For a plethora of reasons ? ignorance, fatigue, other concerns ? many citizens either do not care to or do not want to devote the energy necessary to think through the evidence, the facts, and the arguments presented by the two opposing camps. Intellectual honesty and analysis demand active participation. They will not function without choice and focused involvement.
The Temptation of Feeling
“Feeling” something, however, is automatic. No real expenditure of mental capital is required. One need only experience the emotion and flow with its motivating force. The statists encourage individuals to indulge in this temptation. When people try to substitute feelings for thought, they are much more amenable to irrational courses of action.
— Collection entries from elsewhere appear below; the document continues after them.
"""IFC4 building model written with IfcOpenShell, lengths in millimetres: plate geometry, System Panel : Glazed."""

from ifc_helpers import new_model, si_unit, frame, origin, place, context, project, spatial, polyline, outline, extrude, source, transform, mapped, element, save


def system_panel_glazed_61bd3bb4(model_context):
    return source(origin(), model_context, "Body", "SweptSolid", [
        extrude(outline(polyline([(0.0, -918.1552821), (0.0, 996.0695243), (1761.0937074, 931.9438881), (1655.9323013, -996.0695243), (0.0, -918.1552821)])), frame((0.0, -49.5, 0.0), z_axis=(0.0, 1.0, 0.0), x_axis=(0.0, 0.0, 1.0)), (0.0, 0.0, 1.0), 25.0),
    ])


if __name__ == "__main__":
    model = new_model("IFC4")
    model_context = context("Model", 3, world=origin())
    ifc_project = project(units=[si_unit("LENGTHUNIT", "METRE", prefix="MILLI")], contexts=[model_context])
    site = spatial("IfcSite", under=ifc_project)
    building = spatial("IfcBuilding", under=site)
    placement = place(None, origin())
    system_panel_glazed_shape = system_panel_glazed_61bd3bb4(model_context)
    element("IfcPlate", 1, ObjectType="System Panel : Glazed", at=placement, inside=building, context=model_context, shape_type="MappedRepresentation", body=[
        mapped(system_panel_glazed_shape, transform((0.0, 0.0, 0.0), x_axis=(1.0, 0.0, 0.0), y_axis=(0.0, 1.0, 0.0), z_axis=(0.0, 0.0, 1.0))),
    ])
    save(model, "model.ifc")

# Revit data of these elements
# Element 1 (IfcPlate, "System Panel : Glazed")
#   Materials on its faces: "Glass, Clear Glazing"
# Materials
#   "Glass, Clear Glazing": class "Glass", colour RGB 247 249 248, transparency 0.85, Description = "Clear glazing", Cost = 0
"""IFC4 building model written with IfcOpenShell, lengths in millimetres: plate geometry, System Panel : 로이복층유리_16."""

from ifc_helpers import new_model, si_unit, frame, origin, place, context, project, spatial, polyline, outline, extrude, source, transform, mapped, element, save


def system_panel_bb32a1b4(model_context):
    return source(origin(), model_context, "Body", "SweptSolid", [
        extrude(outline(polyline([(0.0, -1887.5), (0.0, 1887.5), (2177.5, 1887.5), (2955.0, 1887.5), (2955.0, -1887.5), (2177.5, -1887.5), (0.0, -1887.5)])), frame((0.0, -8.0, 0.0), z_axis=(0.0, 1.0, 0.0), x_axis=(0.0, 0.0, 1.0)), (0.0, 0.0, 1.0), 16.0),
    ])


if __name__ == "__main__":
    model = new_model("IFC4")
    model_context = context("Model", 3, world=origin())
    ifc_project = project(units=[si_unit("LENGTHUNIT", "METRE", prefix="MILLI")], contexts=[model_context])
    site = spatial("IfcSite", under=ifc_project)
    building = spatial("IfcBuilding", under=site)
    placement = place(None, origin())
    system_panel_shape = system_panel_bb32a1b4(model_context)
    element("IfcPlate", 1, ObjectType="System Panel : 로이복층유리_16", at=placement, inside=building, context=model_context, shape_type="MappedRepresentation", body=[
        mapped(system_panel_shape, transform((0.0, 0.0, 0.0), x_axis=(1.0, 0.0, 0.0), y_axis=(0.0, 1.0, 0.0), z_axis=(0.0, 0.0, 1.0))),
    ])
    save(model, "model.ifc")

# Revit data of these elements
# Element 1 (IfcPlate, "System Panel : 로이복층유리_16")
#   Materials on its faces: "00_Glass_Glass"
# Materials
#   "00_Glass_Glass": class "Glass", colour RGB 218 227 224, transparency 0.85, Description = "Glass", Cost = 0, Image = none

This suits the purposes of the “gun violence” crowd to a “T.” By targeting the vague issue of “gun violence” while disregarding what that phrase really means, they come closer and closer to reaching their objective of complete subjugation of the country without bothering with the niceties of informed debate. Pound the catch phrase and harp on the conclusion. Don’t confuse people with the facts. As long as they feel they know, then that is sufficient.
But there is no short-cut to thinking!
To maintain our freedoms, to preserve recognition of and the ability to exercise our rights, we cannot afford to remain passive in the face of continual onslaughts. The enemies of freedom love to terrorize the populace, whip otherwise unassuming people into an hysterical frenzy. They glory in the abandonment of reason, objectivity, and individualism. They see such a retreat from the founding principles of this country not as a cancer devouring the core of this nation but as an ally in establishing the authoritarian world of their dreams; a world in which they will rule with paternalistic “wisdom” and power.
The anti-self-defense fascists sneer when their adversaries point out the implicit results of using and spreading such obscenities as “gun violence.” They would not denounce so vehemently our struggles to maintain exactness of expression if they did not recognize how dangerous such adherence to precision is to their cause. They can thrive and grow only in the shadows of ignorance and murky thought.
The myth of “gun violence” is a potent weapon in the arsenal of those who would ensure that only they and their supporters remain armed. It is a myth that can destroy us if we do not battle against it. It is a myth we must expose at every opportunity.
Nothing less than extreme devotion to our liberty, our rights, and our lives will do.